Die zwischenzeitliche Idee, das Spieljahr um zwei Wochen bis Mitte Juli zu verlängern, ist gleichwohl kein Thema mehr. Das entscheidende Gegenargument: damit würden die Wechselperiode und die darauffolgende nächste Saison tangiert. Gelten sollen die Pläne für alle Spielklassen: Männer, Frauen sowie bei der Jugend im überbezirklichen Bereich. In den Nachwuchsstaffeln auf Bezirksebene obliegt es den jeweiligen Bezirken, individuelle Lösungen zu finden.
Absegnen muss die neuen Eckdaten nun noch der WFV-Beirat. Eine entsprechende Konferenz ist für den kommenden Freitag angesetzt. Zuvor, bis Mittwoch, haben alle betroffenen Vereine die Gelegenheit, sich zu äußern. Der Widerspruch dürfte sich in Grenzen halten. Was wären die Alternativen?

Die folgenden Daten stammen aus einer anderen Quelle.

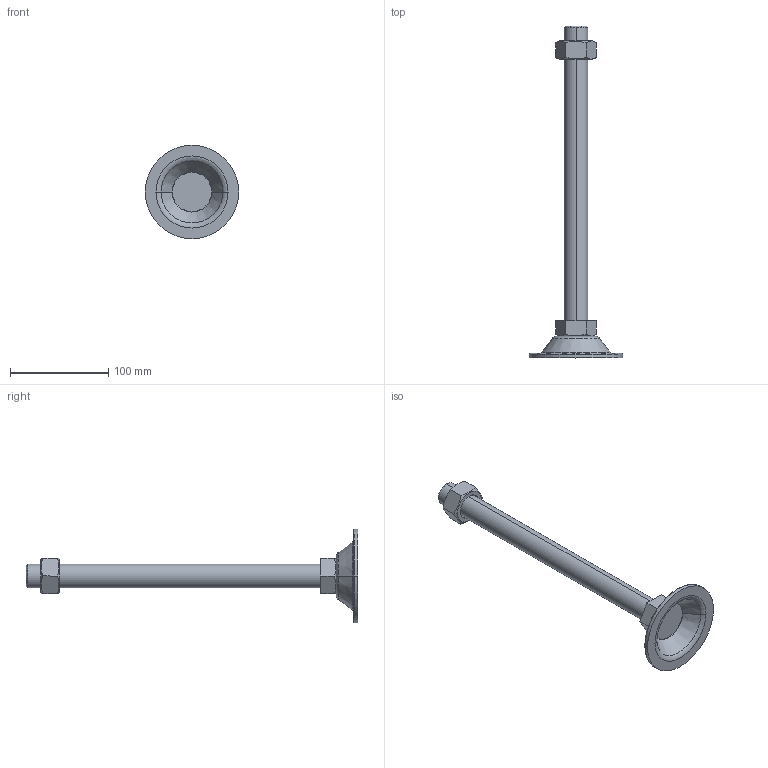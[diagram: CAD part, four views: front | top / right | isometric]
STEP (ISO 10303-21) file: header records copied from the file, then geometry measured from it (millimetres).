
FILE_DESCRIPTION (( 'STEP AP214' ), '1' );
FILE_NAME ('BL95-M24-300.step', '2021-01-06T05:42:34', ( '' ), ( '' ), 'SwSTEP 2.0', 'SolidWorks 2019', '' );
FILE_SCHEMA (( 'AUTOMOTIVE_DESIGN' ));
Length unit declared in the file: millimetre
Products named in the file (1): BL95-M24-300
Bounding box: 95 x 338 x 95 mm (x, y, z)
Volume: 204224.4 mm3; surface area: 49840.4 mm2
Topology: 3 solids, 3 shells, 53 faces, 110 edges, 66 vertices
Faces by surface type: plane 21, cone 16, torus 10, cylinder 6
Entity records: 1654 total; most frequent: CARTESIAN_POINT 464, DIRECTION 252, ORIENTED_EDGE 220, EDGE_CURVE 110, AXIS2_PLACEMENT_3D 106, VERTEX_POINT 66, EDGE_LOOP 58, FACE_OUTER_BOUND 53

Michael Spörer, der Vorsitzende des Fußballbezirks Stuttgart, sieht es nüchtern: „Die Vereinsvertreter sind ja auch nicht blöd. Auch sie sehen die Situation.“ Spörer findet es gut, „dass nun ein Datum hinterlegt ist und ein jeder zumindest von daher Planungssicherheit hat“. Wie gesagt: der 9. Mai – wobei sich dieser aktuell noch vermeintlich eher fern liegende Alles-oder-nichts-Punkt durch einen Begleitumstand relativiert. Unangetastet bleibt das Vorhaben, den Mannschaften mindestens drei Wochen Vorbereitungszeit zu gewähren, ehe es wieder um Punkte geht. Drei Wochen, um zurück auf sportartspezifische Betriebstemperatur zu kommen. Tatsächlich braucht es grünes Licht von Merkel und Co. also bereits im April, spätestens kurz nach Ostern.
Ob das klappen kann? Ob der Sport bis dahin in der erwähnten Warteschlange den nötigen Boden gut gemacht haben wird? Noch lebt die Hoffnung, nicht zuletzt bei einigen Filderteams. Beispiel SV Bonlanden, aktueller Spitzenreiter der Landesliga. Beispiel TSV Musberg, aktuell Erster der Bezirksliga. Beispiel TSV Leinfelden und TSV Jahn Büsnau, aktuell auf Platz eins in der Kreisliga B. Im günstigsten Fall sind es für sie nun nur noch jeweils sechs, sieben Spiele bis zum Meistertitel und Aufstiegsjubel. Im schlechtesten stehen sie in rund zwei Monaten als die großen Verlierer da. Und das, ohne noch einmal gegen den Ball getreten zu haben. Die Gesichter wären wohl noch länger als am Mittwochabend während der neuesten Merkel’schen Ansagen.